Named components are declared in library/component_catalogue.org, read directly by src/codegen/manifest.py at startup. See component_catalogue.org for the full 16-component table (name, models_dir, entity_glob, exclude_suffix, modeling_dir).

Retired scripts

The following shell scripts have been deleted and replaced by codegen.sh:

Deleted script	Replacement command
`generate_refdata_schema.sh`	`codegen.sh regenerate --component refdata --profile sql`

Modeline configurations

From library/data/modeline.org:

Language	Modeline
SQL	`sql-product: postgres; indent-tabs-mode: nil`
C++	`mode: c++; indent-tabs-mode: nil; c-basic-offset: 4`

Features

Licence generation. Generated files carry a licence header with editor modelines, a copyright with the current year, and the appropriate per-language comment formatting.
Multi-language comment support. SQL and C++ use /* ... */ with a * = line prefix; Python uses =""", JavaScript uses /** */.
Flexible output. Default output directory is output/; overridable via the second positional argument; created automatically if absent.
Overall models. A model.json can orchestrate generation of multiple artefacts in dependency order.
Dynamic prefixing. A model_name property on an overall model prefixes every output file (for example solvaris_).
Automatic sibling loading. JSON models in the same directory are loaded together so a template can cross-reference them.
Enhanced data context.
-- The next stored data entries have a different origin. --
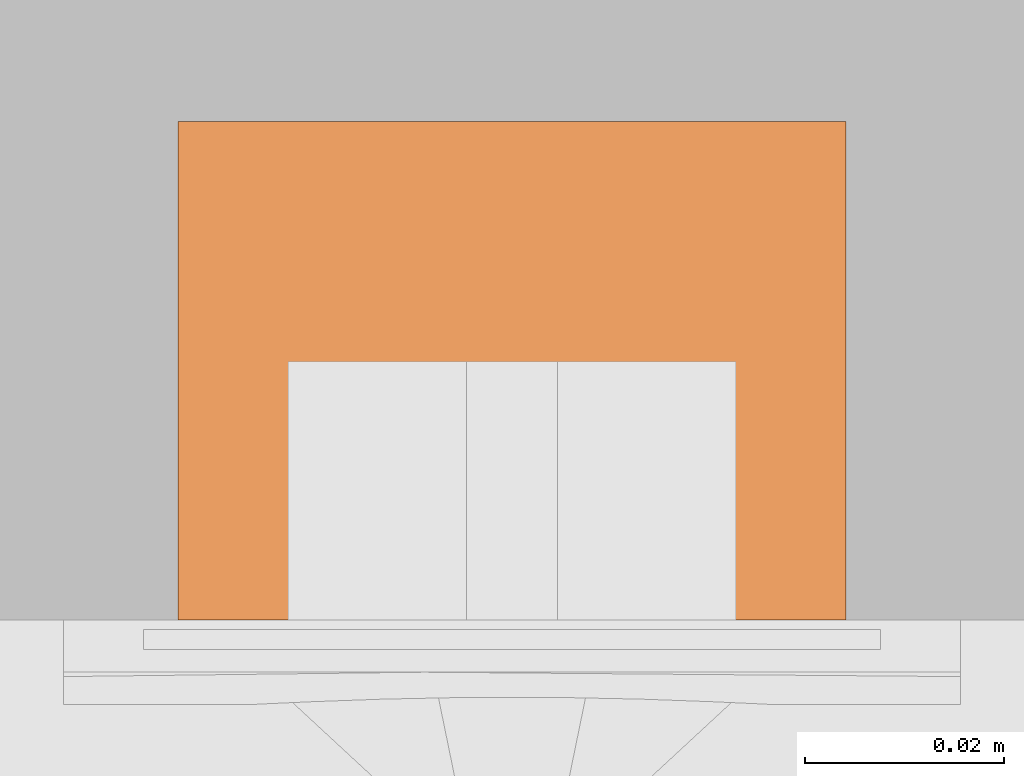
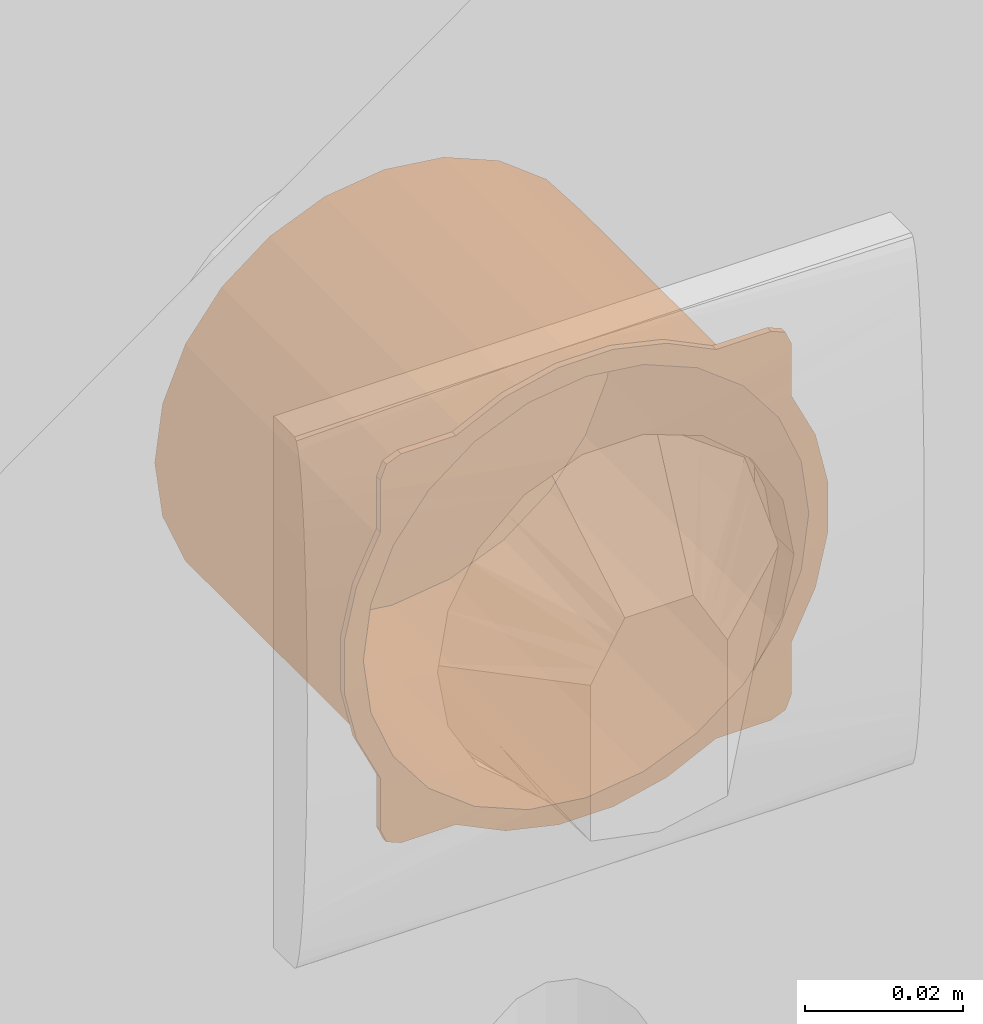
# One storey, part 28 of 30: 1 proxy.
"""IFC2X3 building model written with IfcOpenShell, lengths in metres."""

from ifc_helpers import new_model, entity, si_unit, converted_unit, derived_unit, direction, frame, origin, place, context, subcontext, project, spatial, faceted_brep, source, transform, mapped, material, type_object, type_shapes, element, save


model = new_model("IFC2X3")

# Units and contexts
model_context = context("Model", 3, precision=1e-05, world=origin(), true_north=direction((6.123031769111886e-17, 1.0)))
body_context = subcontext(model_context, "Body", "Model", "MODEL_VIEW")
ifc_project = project(units=[si_unit("LENGTHUNIT", "METRE"), si_unit("AREAUNIT", "SQUARE_METRE"), si_unit("VOLUMEUNIT", "CUBIC_METRE"), converted_unit("PLANEANGLEUNIT", "DEGREE", entity("IfcPlaneAngleMeasure", 0.017453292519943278), si_unit("PLANEANGLEUNIT", "RADIAN"), dimensions=[0, 0, 0, 0, 0, 0, 0]), si_unit("MASSUNIT", "GRAM", prefix="KILO"), derived_unit("MASSDENSITYUNIT", [(si_unit("MASSUNIT", "GRAM", prefix="KILO"), 1), (si_unit("LENGTHUNIT", "METRE"), -3)]), derived_unit("IONCONCENTRATIONUNIT", [(si_unit("MASSUNIT", "GRAM", prefix="KILO"), 1), (si_unit("LENGTHUNIT", "METRE"), -3)]), derived_unit("MOMENTOFINERTIAUNIT", [(si_unit("LENGTHUNIT", "METRE"), 4)]), si_unit("TIMEUNIT", "SECOND"), si_unit("FREQUENCYUNIT", "HERTZ"), si_unit("THERMODYNAMICTEMPERATUREUNIT", "DEGREE_CELSIUS"), derived_unit("THERMALTRANSMITTANCEUNIT", [(si_unit("MASSUNIT", "GRAM", prefix="KILO"), 1), (si_unit("THERMODYNAMICTEMPERATUREUNIT", "KELVIN"), -1), (si_unit("TIMEUNIT", "SECOND"), -3)]), derived_unit("THERMALCONDUCTANCEUNIT", [(si_unit("MASSUNIT", "GRAM", prefix="KILO"), 1), (si_unit("THERMODYNAMICTEMPERATUREUNIT", "KELVIN"), -1), (si_unit("TIMEUNIT", "SECOND"), -3), (si_unit("LENGTHUNIT", "METRE"), 1)]), derived_unit("VOLUMETRICFLOWRATEUNIT", [(si_unit("LENGTHUNIT", "METRE", prefix="DECI"), 3), (si_unit("TIMEUNIT", "SECOND"), -1)]), derived_unit("MASSFLOWRATEUNIT", [(si_unit("MASSUNIT", "GRAM", prefix="KILO"), 1), (si_unit("TIMEUNIT", "SECOND"), -1)]), derived_unit("ROTATIONALFREQUENCYUNIT", [(si_unit("TIMEUNIT", "SECOND"), -1)]), si_unit("ELECTRICCURRENTUNIT", "AMPERE"), si_unit("ELECTRICVOLTAGEUNIT", "VOLT"), si_unit("POWERUNIT", "WATT"), si_unit("FORCEUNIT", "NEWTON", prefix="KILO"), si_unit("ILLUMINANCEUNIT", "LUX"), si_unit("LUMINOUSFLUXUNIT", "LUMEN"), si_unit("LUMINOUSINTENSITYUNIT", "CANDELA"), si_unit("ENERGYUNIT", "JOULE"), derived_unit("USERDEFINED", [(si_unit("MASSUNIT", "GRAM", prefix="KILO"), -1), (si_unit("LENGTHUNIT", "METRE"), -2), (si_unit("TIMEUNIT", "SECOND"), 3), (si_unit("LUMINOUSFLUXUNIT", "LUMEN"), 1)]), derived_unit("USERDEFINED", [(si_unit("MASSUNIT", "GRAM", prefix="KILO"), 1), (si_unit("TIMEUNIT", "SECOND"), -3), (si_unit("LENGTHUNIT", "METRE"), 3), (si_unit("ELECTRICCURRENTUNIT", "AMPERE"), -2)]), derived_unit("SOUNDPOWERUNIT", [(si_unit("MASSUNIT", "GRAM", prefix="KILO"), 1), (si_unit("TIMEUNIT", "SECOND"), -3), (si_unit("LENGTHUNIT", "METRE"), 2)]), derived_unit("SOUNDPRESSUREUNIT", [(si_unit("MASSUNIT", "GRAM", prefix="KILO"), 1), (si_unit("LENGTHUNIT", "METRE"), -1), (si_unit("TIMEUNIT", "SECOND"), -2)]), derived_unit("LINEARVELOCITYUNIT", [(si_unit("LENGTHUNIT", "METRE"), 1), (si_unit("TIMEUNIT", "SECOND"), -1)]), si_unit("PRESSUREUNIT", "PASCAL"), derived_unit("USERDEFINED", [(si_unit("MASSUNIT", "GRAM", prefix="KILO"), 1), (si_unit("LENGTHUNIT", "METRE"), -2), (si_unit("TIMEUNIT", "SECOND"), -2)]), derived_unit("LINEARFORCEUNIT", [(si_unit("MASSUNIT", "GRAM", prefix="KILO"), 1), (si_unit("TIMEUNIT", "SECOND"), -2)]), derived_unit("PLANARFORCEUNIT", [(si_unit("MASSUNIT", "GRAM", prefix="KILO"), 1), (si_unit("LENGTHUNIT", "METRE"), -1), (si_unit("TIMEUNIT", "SECOND"), -2)]), derived_unit("SPECIFICHEATCAPACITYUNIT", [(si_unit("THERMODYNAMICTEMPERATUREUNIT", "KELVIN"), -1), (si_unit("LENGTHUNIT", "METRE"), 2), (si_unit("TIMEUNIT", "SECOND"), -2)]), derived_unit("HEATFLUXDENSITYUNIT", [(si_unit("MASSUNIT", "GRAM", prefix="KILO"), 1), (si_unit("TIMEUNIT", "SECOND"), -3)]), derived_unit("HEATINGVALUEUNIT", [(si_unit("LENGTHUNIT", "METRE"), 2), (si_unit("TIMEUNIT", "SECOND"), -2)]), derived_unit("VAPORPERMEABILITYUNIT", [(si_unit("LENGTHUNIT", "METRE"), -1), (si_unit("TIMEUNIT", "SECOND"), 1)]), derived_unit("DYNAMICVISCOSITYUNIT", [(si_unit("MASSUNIT", "GRAM", prefix="KILO"), 1), (si_unit("TIMEUNIT", "SECOND"), -1), (si_unit("LENGTHUNIT", "METRE"), -1)]), derived_unit("THERMALEXPANSIONCOEFFICIENTUNIT", [(si_unit("THERMODYNAMICTEMPERATUREUNIT", "KELVIN"), -1)]), derived_unit("MODULUSOFELASTICITYUNIT", [(si_unit("MASSUNIT", "GRAM", prefix="KILO"), 1), (si_unit("LENGTHUNIT", "METRE"), -1), (si_unit("TIMEUNIT", "SECOND"), -2)]), derived_unit("ISOTHERMALMOISTURECAPACITYUNIT", [(si_unit("MASSUNIT", "GRAM", prefix="KILO"), -1), (si_unit("LENGTHUNIT", "METRE"), 3)]), derived_unit("MOISTUREDIFFUSIVITYUNIT", [(si_unit("TIMEUNIT", "SECOND"), -1), (si_unit("LENGTHUNIT", "METRE"), 2)]), derived_unit("MASSPERLENGTHUNIT", [(si_unit("MASSUNIT", "GRAM", prefix="KILO"), 1), (si_unit("LENGTHUNIT", "METRE"), -1)]), derived_unit("THERMALRESISTANCEUNIT", [(si_unit("MASSUNIT", "GRAM", prefix="KILO"), -1), (si_unit("TIMEUNIT", "SECOND"), 3), (si_unit("THERMODYNAMICTEMPERATUREUNIT", "KELVIN"), 1)]), derived_unit("ACCELERATIONUNIT", [(si_unit("LENGTHUNIT", "METRE"), 1), (si_unit("TIMEUNIT", "SECOND"), -2)]), derived_unit("ANGULARVELOCITYUNIT", [(si_unit("TIMEUNIT", "SECOND"), -1), (si_unit("PLANEANGLEUNIT", "RADIAN"), 1)]), derived_unit("LINEARSTIFFNESSUNIT", [(si_unit("MASSUNIT", "GRAM", prefix="KILO"), 1), (si_unit("TIMEUNIT", "SECOND"), -2)]), derived_unit("WARPINGCONSTANTUNIT", [(si_unit("LENGTHUNIT", "METRE"), 6)]), derived_unit("LINEARMOMENTUNIT", [(si_unit("MASSUNIT", "GRAM", prefix="KILO"), 1), (si_unit("LENGTHUNIT", "METRE"), 1), (si_unit("TIMEUNIT", "SECOND"), -2)]), derived_unit("TORQUEUNIT", [(si_unit("MASSUNIT", "GRAM", prefix="KILO"), 1), (si_unit("LENGTHUNIT", "METRE"), 2), (si_unit("TIMEUNIT", "SECOND"), -2)])], contexts=[model_context])

# Site, building, storey
site_placement = place(None, origin())
site = spatial("IfcSite", under=ifc_project, at=site_placement, Name="Default", CompositionType="ELEMENT")
building_placement = place(site_placement, origin())
building = spatial("IfcBuilding", under=site, at=building_placement, CompositionType="ELEMENT")
storey_placement = place(building_placement, origin())
storey = spatial("IfcBuildingStorey", under=building, at=storey_placement, Name="Niveau 0", CompositionType="ELEMENT", Elevation=-1.949160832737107e-14)

# Proxy
ifc_material = material(Name="Plastique orange")
building_element_proxy_type = type_object("IfcBuildingElementProxyType", Name="Legrand Boite encastrement batibox 1 poste1:1 poste", PredefinedType="NOTDEFINED", material=ifc_material)
shared_shape = source(origin(), body_context, "Body", "Brep", [
    faceted_brep([(0.141749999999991, 0.1005, -1.7942243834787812), (0.1439802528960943, 0.1005, -1.7952125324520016), (0.1486880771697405, 0.1005, -1.788900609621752), (0.1403837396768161, 0.1005, -1.7969555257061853), (0.13678722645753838, 0.1005, -1.7986985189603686), (0.13367043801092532, 0.1005, -1.7975710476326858), (0.13289192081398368, 0.1005, -1.799592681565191), (0.12899661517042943, 0.1005, -1.8004868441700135), (0.12499999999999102, 0.1005, -1.798712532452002), (0.12499999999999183, 0.1005, -1.8004868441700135), (0.1210033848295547, 0.1005, -1.8004868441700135), (0.11632956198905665, 0.1005, -1.7975710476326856), (0.11710807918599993, 0.1005, -1.799592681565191), (0.11321277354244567, 0.1005, -1.798698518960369), (0.10824999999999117, 0.1005, -1.7942243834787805), (0.10893878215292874, 0.1005, -1.7966271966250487), (0.10601974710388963, 0.1005, -1.7952125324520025), (0.10131192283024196, 0.1005, -1.788900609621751), (0.09799999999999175, 0.1005, -1.7952125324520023), (0.09499999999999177, 0.1005, -1.7922125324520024), (0.09499999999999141, 0.1005, -1.7841927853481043), (0.0959881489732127, 0.1005, -1.7819625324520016), (0.09325700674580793, 0.1005, -1.7805962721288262), (0.09151401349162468, 0.1005, -1.7769997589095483), (0.09264148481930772, 0.1005, -1.7738829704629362), (0.09061985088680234, 0.1005, -1.7731044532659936), (0.08972568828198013, 0.1005, -1.7692091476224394), (0.09149999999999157, 0.1005, -1.7652125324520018), (0.08972568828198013, 0.1005, -1.765212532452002), (0.08972568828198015, 0.1005, -1.7612159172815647), (0.09264148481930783, 0.1005, -1.7565420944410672), (0.09061985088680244, 0.1005, -1.7573206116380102), (0.09151401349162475, 0.1005, -1.7534253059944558), (0.09598814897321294, 0.1005, -1.7484625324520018), (0.09358533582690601, 0.1005, -1.7491513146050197), (0.09499999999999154, 0.1005, -1.7462322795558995), (0.10131192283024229, 0.1005, -1.7415244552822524), (0.0949999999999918, 0.1005, -1.738212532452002), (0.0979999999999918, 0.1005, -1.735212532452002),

Subject-area datasets (such as currencies_dataset, countries_dataset) are surfaced as named variables to templates for direct access.

Example model structure

From models/slovaris/catalogs.json:

[
    {
        "name": "Slovaris",
        "description": "Imaginary world to test all system functions.",
        "owner": "Testing Team"
    }
]

The sql_catalog_populate.mustache template generates SQL that:

Includes the enhanced licence header.
Sets the schema to ores.
Generates SQL calls to metadata.upsert_dq_catalogs().
Includes summary queries.

Extending

To add a new _table.json model for an existing component:

Create the *_table.json file in the component's models/ directory.
Run codegen.sh regenerate --component <name> --profile sql to generate the SQL.

To add a new profile or template:

Add the Mustache template to library/templates/.
Add an entry to library/facet_catalogue.org under the relevant profile heading, adding a row to the templates table with template, output pattern, and optionally model_types.
If adding a new model type, update get_model_type() in src/generator.py and add any preprocessing logic in the generate_from_model() dispatch block.

To add a new named component:

Add a row to library/component_catalogue.org with the component's models_dir, entity_glob, exclude_suffix, and modeling_dir.
The component is then available as codegen.sh regenerate --component <name>.